> _DIRECTIONS FOR THIS TASK_: Pictures excluded, copy every record that follows exactly as it appears.

> _THE DATA_:
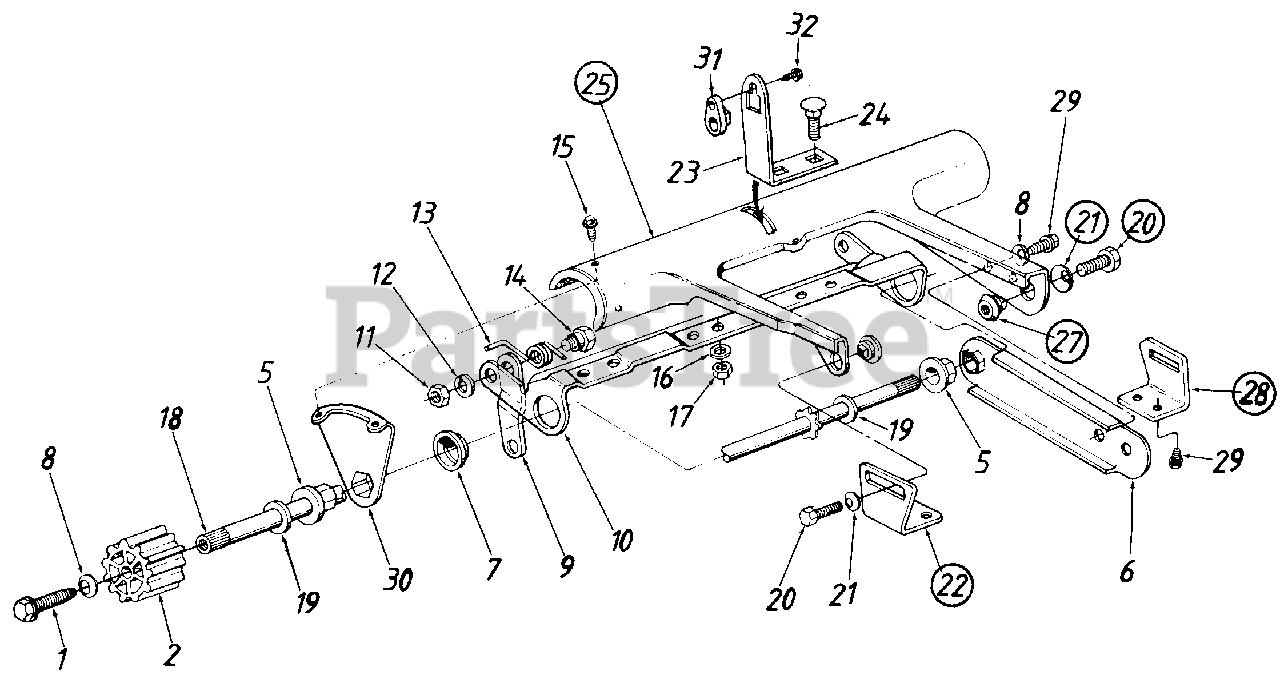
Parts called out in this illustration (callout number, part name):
1	Hex Wash. Hd. Tap Scr. 1/4-20 x .75" Lg.
2	Wheel Drive Pinion-Half
5	Hex Flange Brg. .504" I.D.
8	Bell-Wash. .265" I.D. x .75" O.D.
11	Hex Nut 5/16-18 Thd.
12	L-Wash. 5/16" I.D.
13	Torsion Spring-R.H.
14	Shoulder Bolt .437" Dia.
15	Hex L-Hd. AB-Tap Scr. 1/4" x .62" Lg.
16	L-Wash. 1/4" I.D.
17	Hex Nut 1/4-20 Thd.
18	Drive Shaft Ass'y.
19	Fl-Wash. .531" I.D. x .93" O.D.
20	Hex Bolt 5/16-18 x 5/8" Lg.
21	Bell-Wash. .345" I.D. x .88" O.D.
22	Pivot Bracket - R.H.
28	Pivot Bracket - L.H.
29	Hex Wash. Hd. AB-Tap Scr. 1/4 x.62" Lg.
32	Hex B-Tap Scr. #10 x .44" Lg.
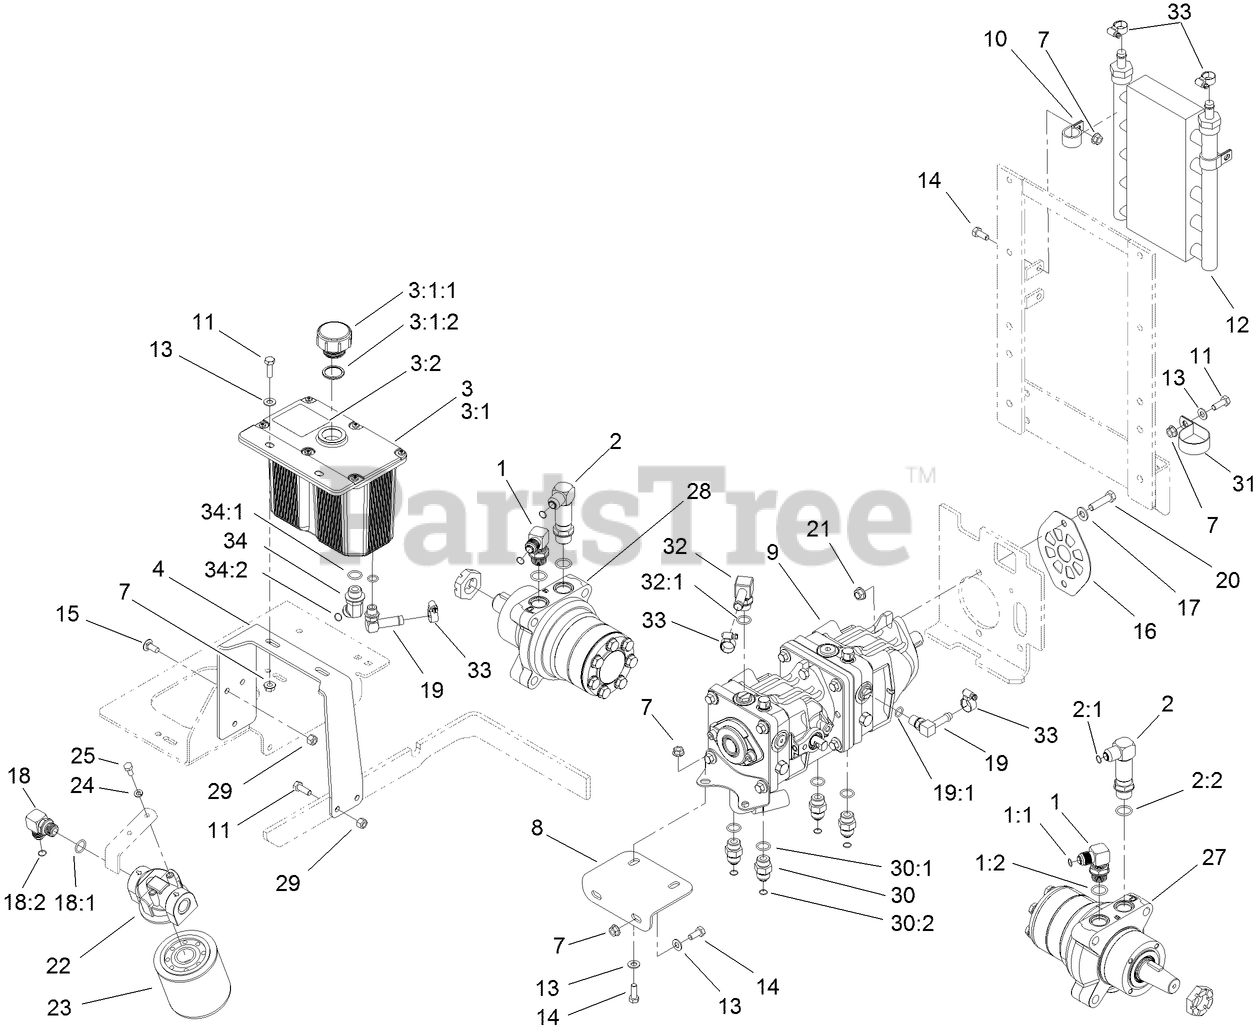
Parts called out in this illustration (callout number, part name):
1	FITTING-HYD, 90 DEG
1:1	O-Ring
1:2	O-RING
2	FITTING-ELBOW-90
2:1	O-Ring
2:2	O-RING
3	HYDRAULIC TANK ASM
3:1	TANK-HYDRAULIC
3:1:1	CAP-RESERVOIR, HYD
3:1:2	GASKET-CAP
3:2	DECAL-WARNING
4	BRACKET-TANK, HYDRAULIC
7	NUT-HF
8	BRACKET-PUMP, FRONT
9	TANDEM PUMP ASM
10	R-CLAMP
11	SCREW-HH
12	COOLER-OIL, HYDRO
13	WASHER-PLAIN
14	SCREW-HH
15	SCREW-CARR
16	PLATE-SHIELD, PUMP
17	WASHER-FLAT
18	FITTING-90 DEG
18:1	O-RING
18:2	O-Ring
19	FITTING-ELBOW, 90
19:1	O-RING
20	SCREW-HH
21	NUT-HHF, WHIZ
22	HEAD-FILTER
23	CARTRIDGE-FILTER, OIL
24	WASHER-LOCK
25	SCREW-HH
27	HYD MOTOR ASM (CCW)
28	HYD MOTOR ASM (CW)
29	NUT-LOCK, NI
30	FITTING-STRAIGHT
30:1	O-RING
30:2	O-Ring
31	CLAMP-R
32	FITTING-ELBOW, 90 DEG
32:1	O-RING
33	CLAMP-HOSE
34	FITTING-HYD, 45 DEG
34:1	O-RING
34:2	O-Ring

> _SOLUTION TO THIS PROBLEM_:
Parts called out in this illustration (callout number, part name):
1	Hex Wash. Hd. Tap Scr. 1/4-20 x .75" Lg.
2	Wheel Drive Pinion-Half
5	Hex Flange Brg. .504" I.D.
8	Bell-Wash. .265" I.D. x .75" O.D.
11	Hex Nut 5/16-18 Thd.
12	L-Wash. 5/16" I.D.
13	Torsion Spring-R.H.
14	Shoulder Bolt .437" Dia.
15	Hex L-Hd. AB-Tap Scr. 1/4" x .62" Lg.
16	L-Wash. 1/4" I.D.
17	Hex Nut 1/4-20 Thd.
18	Drive Shaft Ass'y.
19	Fl-Wash. .531" I.D. x .93" O.D.
20	Hex Bolt 5/16-18 x 5/8" Lg.
21	Bell-Wash. .345" I.D. x .88" O.D.
22	Pivot Bracket - R.H.
28	Pivot Bracket - L.H.
29	Hex Wash. Hd. AB-Tap Scr. 1/4 x.62" Lg.
32	Hex B-Tap Scr. #10 x .44" Lg.
Parts called out in this illustration (callout number, part name):
1	FITTING-HYD, 90 DEG
1:1	O-Ring
1:2	O-RING
2	FITTING-ELBOW-90
2:1	O-Ring
2:2	O-RING
3	HYDRAULIC TANK ASM
3:1	TANK-HYDRAULIC
3:1:1	CAP-RESERVOIR, HYD
3:1:2	GASKET-CAP
3:2	DECAL-WARNING
4	BRACKET-TANK, HYDRAULIC
7	NUT-HF
8	BRACKET-PUMP, FRONT
9	TANDEM PUMP ASM
10	R-CLAMP
11	SCREW-HH
12	COOLER-OIL, HYDRO
13	WASHER-PLAIN
14	SCREW-HH
15	SCREW-CARR
16	PLATE-SHIELD, PUMP
17	WASHER-FLAT
18	FITTING-90 DEG
18:1	O-RING
18:2	O-Ring
19	FITTING-ELBOW, 90
19:1	O-RING
20	SCREW-HH
21	NUT-HHF, WHIZ
22	HEAD-FILTER
23	CARTRIDGE-FILTER, OIL
24	WASHER-LOCK
25	SCREW-HH
27	HYD MOTOR ASM (CCW)
28	HYD MOTOR ASM (CW)
29	NUT-LOCK, NI
30	FITTING-STRAIGHT
30:1	O-RING
30:2	O-Ring
31	CLAMP-R
32	FITTING-ELBOW, 90 DEG
32:1	O-RING
33	CLAMP-HOSE
34	FITTING-HYD, 45 DEG
34:1	O-RING
34:2	O-Ring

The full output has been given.